> _YOUR GOAL_
Check the data underneath for lines holding the word "radius", and state only how many you find.

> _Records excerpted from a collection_
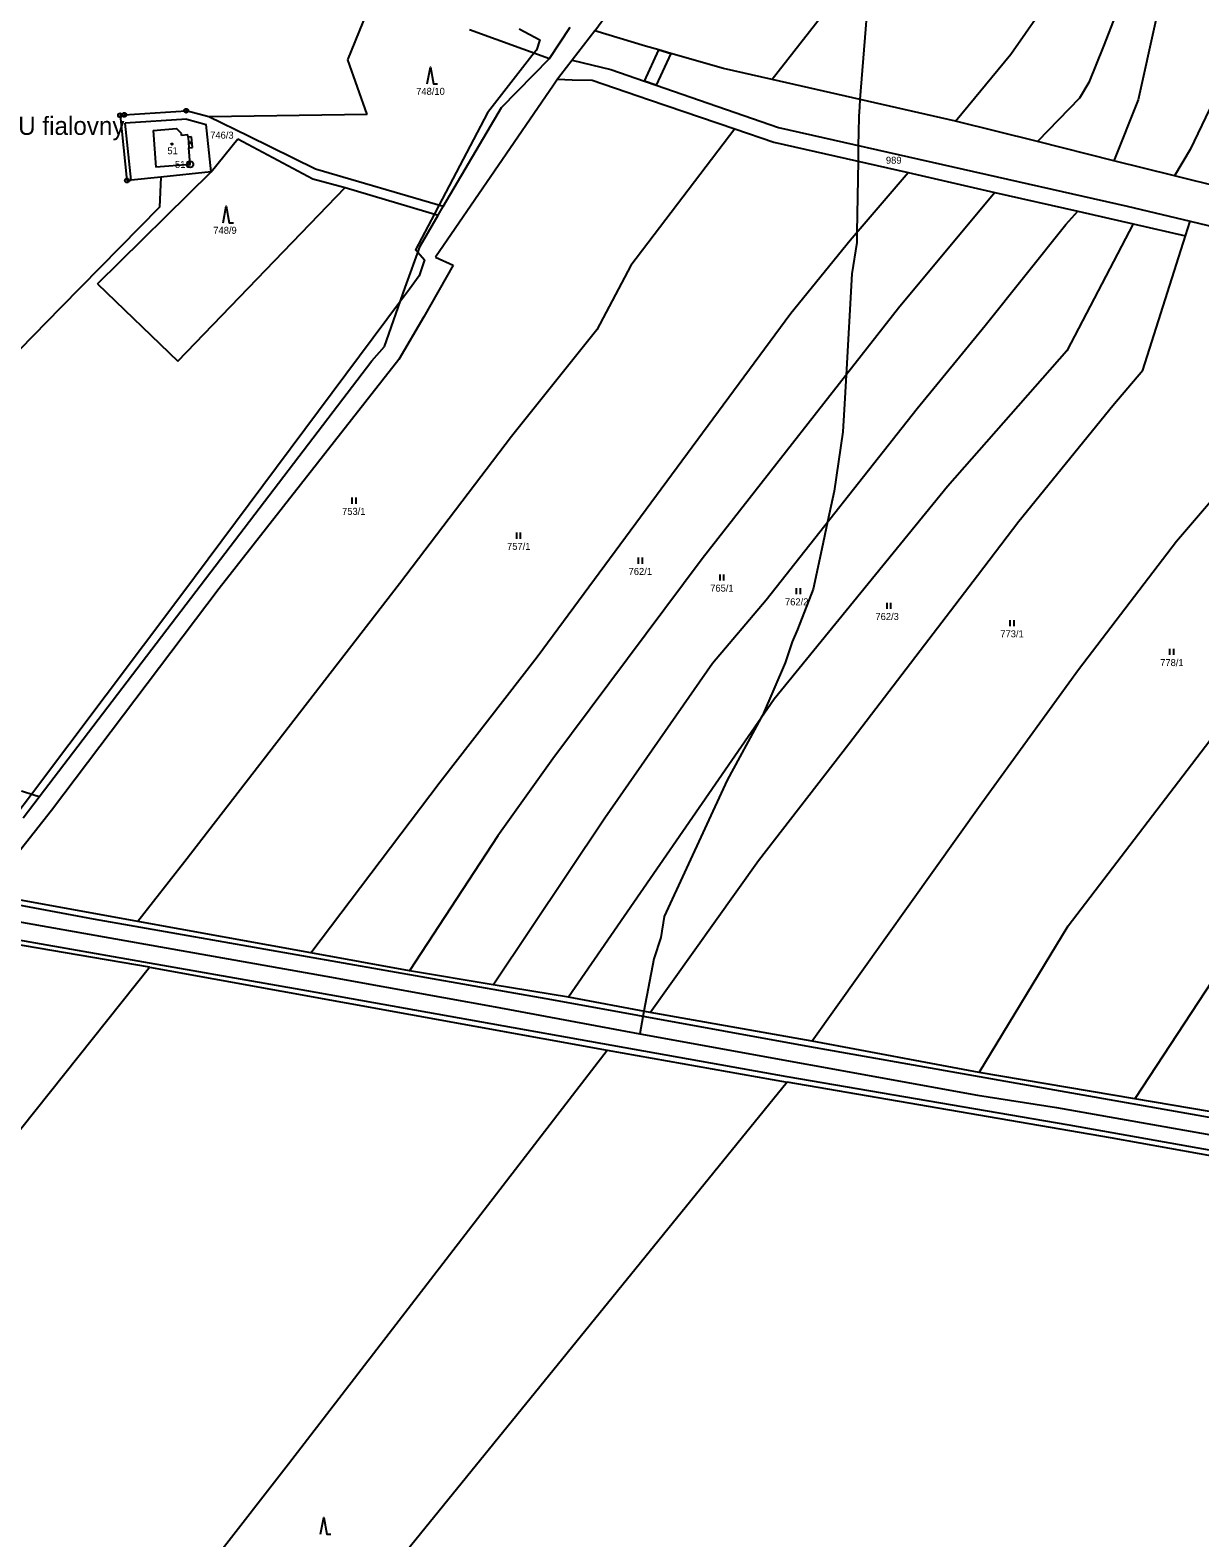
# Model space of a CAD drawing. Extents: x -749173 to -746119, y -1132678 to -1130338.
# Drawn here: x -748475.9 to -748191.7, y -1131881.8 to -1131515.5 of the extents above; entities that cross this region are included whole.
import ezdxf

# ---------------------------------------------------------------- set-up
doc = ezdxf.new("R2010")
doc.units = 0
for name, color, linetype in [('Vrstva 1', 7, 'Continuous'), ('Vrstva 15', 7, 'Continuous'), ('Vrstva 17', 7, 'Continuous'), ('Vrstva 18', 7, 'Continuous'), ('Vrstva 19', 7, 'Continuous'), ('Vrstva 24', 7, 'Continuous'), ('Vrstva 25', 7, 'Continuous'), ('Vrstva 3', 7, 'Continuous'), ('Vrstva 30', 7, 'Continuous'), ('Vrstva 37', 7, 'Continuous'), ('Vrstva 4', 7, 'Continuous'), ('Vrstva 52', 7, 'Continuous'), ('Vrstva 6', 7, 'Continuous')]:
    doc.layers.add(name, color=color, linetype=linetype)

msp = doc.modelspace()

# ---------------------------------------------------------------- linework, layer by layer
at = {"layer": 'Vrstva 1'}
for points in [[(-748338.7, -1131515.67), (-748332.06, -1131506.58)], [(-748369.17, -1131515.42), (-748349.71, -1131522.42)], [(-748349.71, -1131522.42), (-748344.69, -1131514.82)], [(-748338.7, -1131515.67), (-748344.25, -1131522.86)], [(-748326.43, -1131519.41), (-748338.7, -1131515.67)], [(-748361.37, -1131534.34), (-748349.71, -1131522.42)], [(-748323.16, -1131520.36), (-748326.43, -1131519.41)], [(-748320.25, -1131521.2), (-748323.16, -1131520.36)], [(-748307.46, -1131524.9), (-748320.25, -1131521.2)], [(-748346.96, -1131526.43), (-748347.75, -1131527.48)], [(-748344.25, -1131522.86), (-748346.96, -1131526.43)], [(-748344.25, -1131522.86), (-748334.86, -1131525.13)], [(-748334.86, -1131525.13), (-748326.65, -1131527.96)], [(-748295.63, -1131527.57), (-748307.46, -1131524.9)], [(-748348.74, -1131528.93), (-748377.39, -1131570.73)], [(-748347.75, -1131527.48), (-748348.74, -1131528.93)], [(-748347.75, -1131527.48), (-748344.25, -1131527.58)], [(-748344.25, -1131527.58), (-748339.37, -1131527.72)], [(-748339.37, -1131527.72), (-748328.27, -1131531.5)], [(-748326.65, -1131527.96), (-748323.79, -1131528.94)], [(-748323.79, -1131528.94), (-748294.08, -1131539.17)], [(-748251.1, -1131537.65), (-748295.63, -1131527.57)], [(-748328.27, -1131531.5), (-748325.41, -1131532.47)], [(-748325.41, -1131532.47), (-748304.71, -1131539.52)], [(-748454.05, -1131536.22), (-748453.04, -1131536.11)], [(-748454.05, -1131536.22), (-748452.39, -1131552.07)], [(-748453.04, -1131536.11), (-748437.99, -1131535.12)], [(-748437.84, -1131537.2), (-748452.83, -1131538.17)], [(-748432.47, -1131536.6), (-748437.99, -1131535.12)], [(-748437.84, -1131537.2), (-748433.11, -1131538.5)], [(-748422.84, -1131541.28), (-748432.47, -1131536.6)], [(-748375.6, -1131558.41), (-748361.37, -1131534.34)], [(-748451.39, -1131551.97), (-748452.83, -1131538.17)], [(-748431.92, -1131549.94), (-748433.11, -1131538.5)], [(-748304.71, -1131539.52), (-748295.27, -1131542.73)], [(-748294.08, -1131539.17), (-748209.42, -1131558.33)], [(-748231.2, -1131542.62), (-748251.1, -1131537.65)], [(-748431.92, -1131549.94), (-748425.42, -1131541.92)], [(-748425.42, -1131541.92), (-748407.25, -1131551.64)], [(-748406.59, -1131549.32), (-748422.84, -1131541.28)], [(-748295.27, -1131542.73), (-748262.6, -1131550.16)], [(-748212.64, -1131547.25), (-748231.2, -1131542.62)], [(-748197.93, -1131550.92), (-748212.64, -1131547.25)], [(-748452.39, -1131552.07), (-748451.39, -1131551.97)], [(-748444.16, -1131551.22), (-748451.39, -1131551.97)], [(-748431.92, -1131549.94), (-748444.16, -1131551.22)], [(-748407.25, -1131551.64), (-748399.33, -1131553.79)], [(-748375.6, -1131558.41), (-748406.59, -1131549.32)], [(-748262.6, -1131550.16), (-748241.52, -1131554.96)], [(-748186.16, -1131553.86), (-748197.93, -1131550.92)], [(-748399.33, -1131553.79), (-748376.75, -1131560.47)], [(-748241.52, -1131554.96), (-748221.35, -1131559.55)], [(-748376.75, -1131560.47), (-748375.6, -1131558.41)], [(-748209.42, -1131558.33), (-748194.06, -1131561.97)], [(-748381.17, -1131567.99), (-748376.75, -1131560.47)], [(-748221.35, -1131559.55), (-748207.96, -1131562.6)], [(-748207.96, -1131562.6), (-748195.25, -1131565.49)], [(-748195.25, -1131565.49), (-748194.06, -1131561.97)], [(-748194.06, -1131561.97), (-748153.68, -1131571.69)], [(-748384.76, -1131578.08), (-748381.17, -1131567.99)], [(-748373.15, -1131572.6), (-748380.27, -1131585.17)], [(-748377.39, -1131570.73), (-748373.15, -1131572.6)], [(-748389.85, -1131592.41), (-748384.76, -1131578.08)], [(-748380.27, -1131585.17), (-748386.35, -1131595.53)], [(-748392.88, -1131595.87), (-748389.85, -1131592.41)], [(-748473.73, -1131701.81), (-748392.88, -1131595.87)], [(-748386.35, -1131595.53), (-748430, -1131651.16)], [(-748430, -1131651.16), (-748470.71, -1131705.15)], [(-748475.01, -1131701.42), (-748477.99, -1131700.43)], [(-748477.57, -1131706.86), (-748473.73, -1131701.81)], [(-748473.73, -1131701.81), (-748475.01, -1131701.42)], [(-748470.71, -1131705.15), (-748486.77, -1131725.36)], [(-748449.71, -1131732.09), (-748486.77, -1131725.36)], [(-748407.72, -1131739.65), (-748449.71, -1131732.09)], [(-748446.88, -1131743.14), (-748491.15, -1131735.61)], [(-748383.77, -1131744.02), (-748407.72, -1131739.65)], [(-748530.22, -1131847.71), (-748446.88, -1131743.14)], [(-748446.88, -1131743.14), (-748335.68, -1131763.31)], [(-748363.42, -1131747.42), (-748383.77, -1131744.02)], [(-748345.13, -1131750.42), (-748363.42, -1131747.42)], [(-748325.27, -1131754.18), (-748345.13, -1131750.42)], [(-748285.94, -1131761.16), (-748325.27, -1131754.18)], [(-748413.16, -1131863.8), (-748335.68, -1131763.31)], [(-748335.68, -1131763.31), (-748292.03, -1131771.09)], [(-748245.31, -1131768.76), (-748285.94, -1131761.16)], [(-748292.03, -1131771.09), (-748393.32, -1131895.86)], [(-748213.42, -1131784.62), (-748292.03, -1131771.09)], [(-748207.51, -1131775.13), (-748245.31, -1131768.76)], [(-748189.42, -1131778.25), (-748207.51, -1131775.13)], [(-748177.37, -1131791.12), (-748213.42, -1131784.62)], [(-748483.93, -1131954.75), (-748413.16, -1131863.8)]]:
    msp.add_lwpolyline(points, dxfattribs=at)
at = {"layer": 'Vrstva 24'}
for p, q in [((-748454.1, -1131536.22), (-748454, -1131536.22)), ((-748453.09, -1131536.11), (-748452.99, -1131536.11)), ((-748438.04, -1131535.12), (-748437.94, -1131535.12)), ((-748437.06, -1131548.16), (-748436.96, -1131548.16)), ((-748452.44, -1131552.07), (-748452.34, -1131552.07))]:
    msp.add_line(p, q, dxfattribs=at)
for centre, radius in [((-748454.05, -1131536.22), 0.499), ((-748453.04, -1131536.11), 0.499), ((-748437.99, -1131535.12), 0.499), ((-748437.01, -1131548.16), 0.756), ((-748452.39, -1131552.07), 0.499)]:
    msp.add_circle(centre, radius, dxfattribs=at)
at = {"layer": 'Vrstva 25'}
for p, q in [((-748397.71, -1131629.09), (-748397.71, -1131630.59)), ((-748396.71, -1131630.59), (-748396.71, -1131629.09)), ((-748357.75, -1131637.6), (-748357.75, -1131639.1)), ((-748356.75, -1131639.1), (-748356.75, -1131637.6)), ((-748328.16, -1131643.68), (-748328.16, -1131645.18)), ((-748327.16, -1131645.18), (-748327.16, -1131643.68)), ((-748308.36, -1131647.74), (-748308.36, -1131649.24)), ((-748307.36, -1131649.24), (-748307.36, -1131647.74)), ((-748289.79, -1131651.07), (-748289.79, -1131652.57)), ((-748288.79, -1131652.57), (-748288.79, -1131651.07)), ((-748267.81, -1131654.64), (-748267.81, -1131656.14)), ((-748266.81, -1131656.14), (-748266.81, -1131654.64)), ((-748237.88, -1131658.84), (-748237.88, -1131660.34)), ((-748236.88, -1131660.34), (-748236.88, -1131658.84)), ((-748199.09, -1131665.83), (-748199.09, -1131667.33)), ((-748198.09, -1131667.33), (-748198.09, -1131665.83))]:
    msp.add_line(p, q, dxfattribs=at)
for points in [[(-748379.42, -1131528.56), (-748378.67, -1131524.56), (-748377.92, -1131528.56), (-748376.92, -1131528.56)], [(-748429.03, -1131562.32), (-748428.28, -1131558.32), (-748427.53, -1131562.32), (-748426.53, -1131562.32)], [(-748405.33, -1131880.89), (-748404.58, -1131876.89), (-748403.83, -1131880.89), (-748402.83, -1131880.89)]]:
    msp.add_lwpolyline(points, dxfattribs=at)
for centre in [(-748441.45, -1131543.23), (-748436.99, -1131542.92)]:
    msp.add_circle(centre, 0.175, dxfattribs=at)
at = {"layer": 'Vrstva 3'}
for points in [[(-748446.02, -1131539.95), (-748440.32, -1131539.47)], [(-748446.02, -1131539.95), (-748445.36, -1131548.79)], [(-748439.13, -1131540.67), (-748440.32, -1131539.47)], [(-748439.09, -1131541.12), (-748439.13, -1131540.67)], [(-748437.55, -1131541), (-748439.09, -1131541.12)], [(-748437.51, -1131541.55), (-748437.55, -1131541)], [(-748437.51, -1131541.55), (-748437.31, -1131544.13)], [(-748437.01, -1131548.16), (-748437.31, -1131544.13)], [(-748437.01, -1131548.16), (-748445.36, -1131548.79)]]:
    msp.add_lwpolyline(points, dxfattribs=at)
at = {"layer": 'Vrstva 30'}
msp.add_lwpolyline([(-748323.16, -1131520.36), (-748320.25, -1131521.2), (-748323.79, -1131528.94), (-748326.65, -1131527.96), (-748323.16, -1131520.36)], dxfattribs=at)
at = {"layer": 'Vrstva 37'}
msp.add_circle((-748441.45, -1131543.23), 0.175, dxfattribs=at)
at = {"layer": 'Vrstva 4'}
for points in [[(-748446.02, -1131539.95), (-748440.32, -1131539.47)], [(-748446.02, -1131539.95), (-748445.36, -1131548.79)], [(-748439.13, -1131540.67), (-748440.32, -1131539.47)], [(-748439.09, -1131541.12), (-748439.13, -1131540.67)], [(-748437.55, -1131541), (-748439.09, -1131541.12)], [(-748437.51, -1131541.55), (-748437.55, -1131541)], [(-748436.66, -1131541.49), (-748437.51, -1131541.55)], [(-748437.51, -1131541.55), (-748437.31, -1131544.13)], [(-748437.31, -1131544.13), (-748436.47, -1131544.07)], [(-748437.01, -1131548.16), (-748437.31, -1131544.13)], [(-748436.47, -1131544.07), (-748436.66, -1131541.49)], [(-748437.01, -1131548.16), (-748445.36, -1131548.79)], [(-748460.54, -1131731.48), (-748487.83, -1131726.39)], [(-748349.14, -1131751.08), (-748460.54, -1131731.48)], [(-748408.71, -1131748.93), (-748490.74, -1131734.47)], [(-748292.01, -1131769.8), (-748408.71, -1131748.93)], [(-748286.51, -1131762.56), (-748349.14, -1131751.08)], [(-748171.11, -1131782.91), (-748286.51, -1131762.56)], [(-748223.47, -1131781.55), (-748292.01, -1131769.8)], [(-748095.39, -1131804.42), (-748223.47, -1131781.55)]]:
    msp.add_lwpolyline(points, dxfattribs=at)
at = {"layer": 'Vrstva 52'}
for points in [[(-748101.82, -1131197.57), (-748128.75, -1131227.75), (-748156, -1131261), (-748164.94, -1131273.75), (-748191.69, -1131309.37), (-748224, -1131352.75), (-748231.25, -1131363), (-748232.94, -1131366.37), (-748237.19, -1131373.25), (-748246.12, -1131391.12), (-748246.24, -1131391.44), (-748246.42, -1131391.89), (-748259.31, -1131426.75), (-748266.56, -1131460), (-748269.56, -1131480), (-748271.25, -1131493.12), (-748271.53, -1131496.77), (-748272.98, -1131515.29), (-748274.31, -1131532.4)], [(-748357.12, -1131515.25), (-748352.06, -1131517.87), (-748352.87, -1131520.37), (-748353.43, -1131521.08), (-748364.81, -1131535.62), (-748376.61, -1131558.11), (-748377.7, -1131560.19), (-748382.25, -1131568.87), (-748381.71, -1131569.51), (-748380.12, -1131571.37), (-748381.37, -1131575.25), (-748383.76, -1131578.45), (-748385.93, -1131581.36), (-748439.25, -1131653), (-748475.57, -1131701.23), (-748479.37, -1131706.28), (-748479.62, -1131706.62), (-748483, -1131711.75), (-748492.01, -1131724.4), (-748495.37, -1131729.12), (-748404.08, -1131745.39), (-748375.44, -1131750.5), (-748362.92, -1131752.83), (-748327.81, -1131759.37)], [(-748274.31, -1131532.4), (-748274.44, -1131534.15), (-748274.62, -1131536.5), (-748274.68, -1131540.42), (-748274.73, -1131543.55), (-748274.78, -1131547.39), (-748275.03, -1131564.61), (-748275.06, -1131567.12), (-748276.31, -1131574.75), (-748277.67, -1131599.35), (-748278.14, -1131607.69), (-748278.44, -1131613.12), (-748280.56, -1131627.5), (-748282.17, -1131635), (-748283.58, -1131641.55), (-748285.69, -1131651.37), (-748289.5, -1131661.12), (-748290.81, -1131664.12), (-748292.5, -1131669.25), (-748298, -1131682), (-748298.36, -1131682.66), (-748306.56, -1131697.75), (-748321.87, -1131730.87), (-748322.69, -1131736), (-748324.37, -1131741.12), (-748326.78, -1131753.89), (-748327.81, -1131759.37)], [(-748327.81, -1131759.37), (-748245.75, -1131774.25), (-748226.56, -1131777.25), (-748099.44, -1131799.75), (-748024.12, -1131814.25), (-747981.19, -1131822.75)]]:
    msp.add_lwpolyline(points, dxfattribs=at)
at = {"layer": 'Vrstva 6'}
for points in [[(-748247.36, -1131465.87), (-748295.63, -1131527.57)], [(-748202.99, -1131488.16), (-748215.12, -1131519.4)], [(-748398.68, -1131522.74), (-748392.16, -1131506.55)], [(-748237.67, -1131521.37), (-748226.97, -1131506.03)], [(-748202.43, -1131513.11), (-748206.7, -1131532.49)], [(-748394.02, -1131536.07), (-748398.68, -1131522.74)], [(-748251.1, -1131537.65), (-748237.67, -1131521.37)], [(-748215.12, -1131519.4), (-748218.72, -1131528.27)], [(-748218.72, -1131528.27), (-748221.01, -1131532.05)], [(-748221.01, -1131532.05), (-748231.2, -1131542.62)], [(-748206.7, -1131532.49), (-748212.64, -1131547.25)], [(-748394.02, -1131536.07), (-748432.47, -1131536.6)], [(-748189.38, -1131534.76), (-748194.08, -1131544.52)], [(-748304.71, -1131539.52), (-748330.01, -1131572.7)], [(-748194.08, -1131544.52), (-748197.93, -1131550.92)], [(-748459.5, -1131577.18), (-748431.92, -1131549.94)], [(-748444.16, -1131551.22), (-748444.47, -1131558.56)], [(-748276.68, -1131566.53), (-748262.6, -1131550.16)], [(-748440.01, -1131595.93), (-748399.33, -1131553.79)], [(-748241.52, -1131554.96), (-748264.94, -1131583.09)], [(-748444.47, -1131558.56), (-748468.46, -1131582.9)], [(-748243.89, -1131587.32), (-748224.32, -1131562.77)], [(-748224.32, -1131562.77), (-748221.35, -1131559.55)], [(-748207.96, -1131562.6), (-748224.07, -1131593.46)], [(-748291.14, -1131584.32), (-748276.68, -1131566.53)], [(-748205.55, -1131598.18), (-748195.25, -1131565.49)], [(-748330.01, -1131572.7), (-748338.21, -1131588.38)], [(-748459.5, -1131577.18), (-748440.01, -1131595.93)], [(-748468.46, -1131582.9), (-748505.15, -1131620.41)], [(-748352.73, -1131667.79), (-748291.14, -1131584.32)], [(-748264.94, -1131583.09), (-748312.63, -1131643.99)], [(-748338.21, -1131588.38), (-748358.92, -1131614.29)], [(-748260.4, -1131607.42), (-748243.89, -1131587.32)], [(-748224.07, -1131593.46), (-748253.07, -1131626.4)], [(-748212.89, -1131606.75), (-748205.55, -1131598.18)], [(-748235.68, -1131634.79), (-748212.89, -1131606.75)], [(-748297.09, -1131653.9), (-748260.4, -1131607.42)], [(-748358.92, -1131614.29), (-748386.17, -1131650.03)], [(-748183.36, -1131623.35), (-748197.42, -1131639.78)], [(-748253.07, -1131626.4), (-748295.17, -1131678.04)], [(-748245.73, -1131647.99), (-748235.68, -1131634.79)], [(-748197.42, -1131639.78), (-748221.18, -1131670.97)], [(-748312.63, -1131643.99), (-748348.88, -1131692.58)], [(-748386.17, -1131650.03), (-748438.32, -1131717.49)], [(-748277, -1131688.88), (-748245.73, -1131647.99)], [(-748310.1, -1131669.29), (-748297.09, -1131653.9)], [(-748376.31, -1131698.17), (-748352.73, -1131667.79)], [(-748336.31, -1131706.87), (-748310.1, -1131669.29)], [(-748221.18, -1131670.97), (-748244.67, -1131703.3)], [(-748295.17, -1131678.04), (-748345.13, -1131750.42)], [(-748223.72, -1131733.12), (-748187.2, -1131685.33)], [(-748298.92, -1131717.28), (-748277, -1131688.88)], [(-748348.88, -1131692.58), (-748362.25, -1131711.28)], [(-748407.72, -1131739.65), (-748376.31, -1131698.17)], [(-748244.67, -1131703.3), (-748285.94, -1131761.16)], [(-748363.42, -1131747.42), (-748336.31, -1131706.87)], [(-748362.25, -1131711.28), (-748383.77, -1131744.02)], [(-748438.32, -1131717.49), (-748449.71, -1131732.09)], [(-748325.27, -1131754.18), (-748298.92, -1131717.28)], [(-748245.31, -1131768.76), (-748223.72, -1131733.12)], [(-748188.65, -1131746.41), (-748207.51, -1131775.13)]]:
    msp.add_lwpolyline(points, dxfattribs=at)

# ---------------------------------------------------------------- texts
at = {"layer": 'Vrstva 15'}
msp.add_text('U fialovny', height=4.4, dxfattribs=at).set_placement((-748478.81, -1131540.99))
at = {"layer": 'Vrstva 17'}
msp.add_text('516', height=1.7, dxfattribs=at).set_placement((-748440.71, -1131549.01))
at = {"layer": 'Vrstva 18'}
for s, p in [('748/10', (-748382.11, -1131531.26)), ('746/3', (-748432.16, -1131541.91)), ('989', (-748268, -1131548)), ('748/9', (-748431.4, -1131565.02)), ('753/1', (-748400.12, -1131633.29)), ('757/1', (-748360.04, -1131641.8)), ('762/1', (-748330.51, -1131647.88)), ('765/1', (-748310.69, -1131651.94)), ('762/2', (-748292.52, -1131655.27)), ('762/3', (-748270.55, -1131658.84)), ('773/1', (-748240.21, -1131663.04)), ('778/1', (-748201.37, -1131670.03))]:
    msp.add_text(s, height=1.7, dxfattribs=at).set_placement(p)
at = {"layer": 'Vrstva 19'}
msp.add_text('51', height=1.7, dxfattribs=at).set_placement((-748442.55, -1131545.68))

doc.saveas('drawing.dxf')

> _ANSWER TO THIS TASK_
2